Are angular displacement, angular velocity, and angular acceleration, vectors?

[joeybenn]

This my first post on this very helpful forum.

So are angular displacement, velocity, and acceleration actually vectors? My Physics book does not really give me a straight answer. Plus, if they are, why do they not have the classic vector notation of the arrow above $$\theta$$, $$\omega$$, and $$\alpha$$?

Thanks.

 

[jtbell]

They are, in fact, most generally represented as vectors. The vector direction is along the axis of rotation, in the direction given by the right-hand rule: curl your fingers in the direction of rotation, and your thumb points along the axis in the direction of the vector.

You don't say where you are or which book you're using. I think in the USA, most algebra-based physics textbooks (for students who are not going to get a degree in physics) do not discuss rotational motion in terms of vectors, whereas most calculus-based textbooks (for students who are going to get degrees in physics or engineering) do.

 

[drmermaid]

I agree with jtbell, they are vectors. When written without the vector sign you are being given the magnitude without the direction.

 

[joeybenn]

They are, in fact, most generally represented as vectors. The vector direction is along the axis of rotation, in the direction given by the right-hand rule: curl your fingers in the direction of rotation, and your thumb points along the axis in the direction of the vector.

You don't say where you are or which book you're using. I think in the USA, most algebra-based physics textbooks (for students who are not going to get a degree in physics) do not discuss rotational motion in terms of vectors, whereas most calculus-based textbooks (for students who are going to get degrees in physics or engineering) do.

Well, I am in fact trying to major in Physics in the USA despite my past college mistakes. That being said, it is a calculus based Physics book called: "Fundamentals of Physics - Third Edition" by Halliday and Resnick. My professor said it was an older version of the newer ones, and said that he used it based on the better explanations (in his opinion).

In regards to your answer, thank you. My next question being: is not the right hand rule used for torque generally? I am currently reviewing for a final exam so we did learn about torque. My understanding is that the right hand rule implies orthogonality given by the cross product, so more of a three dimensional view. The problem I see is that the vector for say $$\omega$$ in a spinning bicycle wheel, would be constantly changing in the $$\hat{i}$$ and $$\hat{j}$$ components.

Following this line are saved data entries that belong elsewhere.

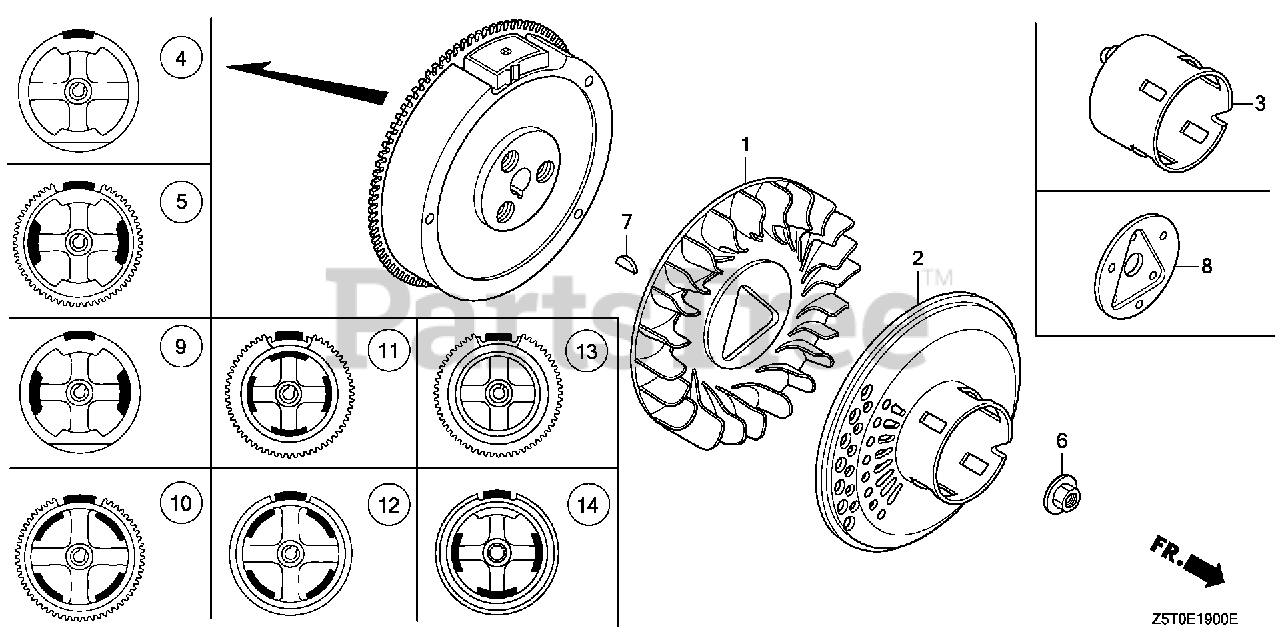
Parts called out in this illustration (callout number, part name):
1	FAN, COOLING
2	PULLEY, STARTER (SCREEN GRID)
6	NUT, SPECIAL (16MM)
7	KEY, SPECIAL WOODRUFF (25X18)
11	FLYWHEEL (SEL)
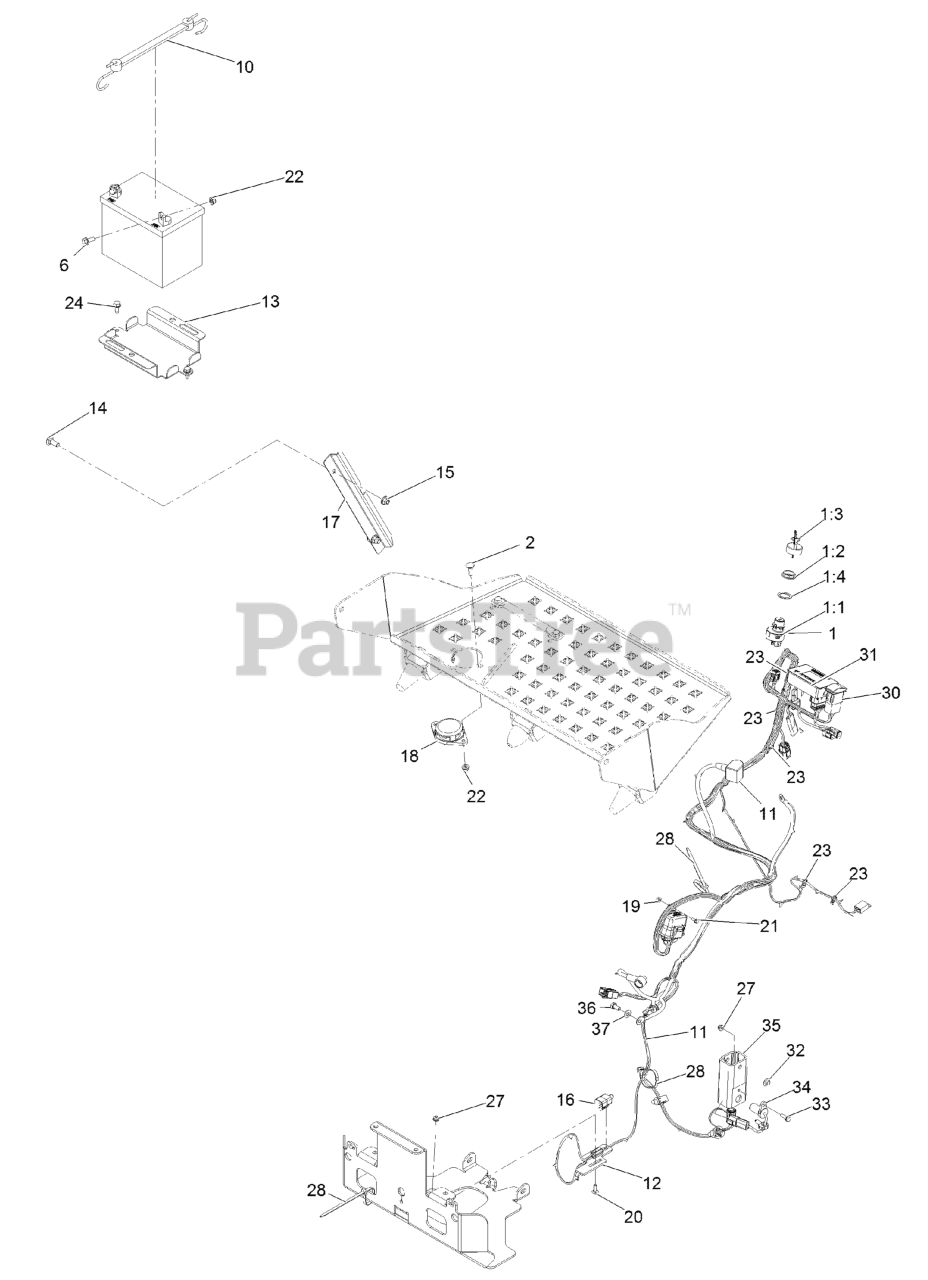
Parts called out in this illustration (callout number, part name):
1	KEYS-IGNITION (SPARE PAIR
1	KEY-IGNITION
2	BOLT-CARR
5	METER-HOUR
6	SCREW-HHF
8	CABLE-BATTERY, BLACK
9	POSITIVE BATTERY CABLE AS
9:1	INSULATOR-BATTERY
9:2	INSULATOR-SOLENOID
10	HOLDDOWN-BATTERY
11	HARNESS-WIRE
11:1	CAP-PLUG
11:2	FUSE-BLADE TYPE, 20 AMP
12	MOUNT-SWITCH
13	BRACKET-BATTERY
14	BOLT-CARR
15	NUT-HF, NI
17	GUARD-HARNESS
18	SWITCH-SEAT
19	NUT-LOCK, NI
20	BOLT-CARR
21	SCREW-HWH
22	NUT-HF, NI
23	TIE-CABLE
24	Screw-HWH 5/16-18 X 3/4 Tf
25	SCREW-HH
26	WASHER-PLAIN
28	TIE-PLASTIC

I think my T.A. one day told me something about $$\hat{\theta}$$ being pertinent to this explanation. I might be in over my head but this is what is bothering me so any help is appreciated.

Thanks.

 

[joeybenn]

I agree with jtbell, they are vectors. When written without the vector sign you are being given the magnitude without the direction.

Yes I do know that. Thank you. I figured that out just a couple hours ago in regards to the angular displacement, velocity, and acceleration.

 

[pianoforte]

The problem I see is that the vector for say $$\omega$$ in a spinning bicycle wheel, would be constantly changing in the $$\hat{i}$$ and $$\hat{j}$$ components.

The direction of the vector $$\omega$$ specifies the axis of rotation and the direction of rotation by the right-hand rule. If the speed of rotation isn't changing, and the orientation of the axis isn't changing, $$\omega$$ isn't changing.

Angular displacement is not a vector, despite having magnitude and direction, as it does not obey the commutative law for vectors: if you rotate the Earth 90 degrees north and then 90 degrees east, it is not the same thing as rotating 90 degrees east and then 90 degrees north. However, for small angular displacements $$d\vec{\theta}$$ it obeys the commutative law approximately, and can be considered a vector: if you rotate the Earth such that you move north 10 miles and then east 10 miles, this *is* about the same as moving east 10 miles and then north 10 miles. Thus, it's time derivative $$\vec{\omega} = d\vec{\theta}/dt$$ is a vector, and so is $$\vec{\alpha}$$.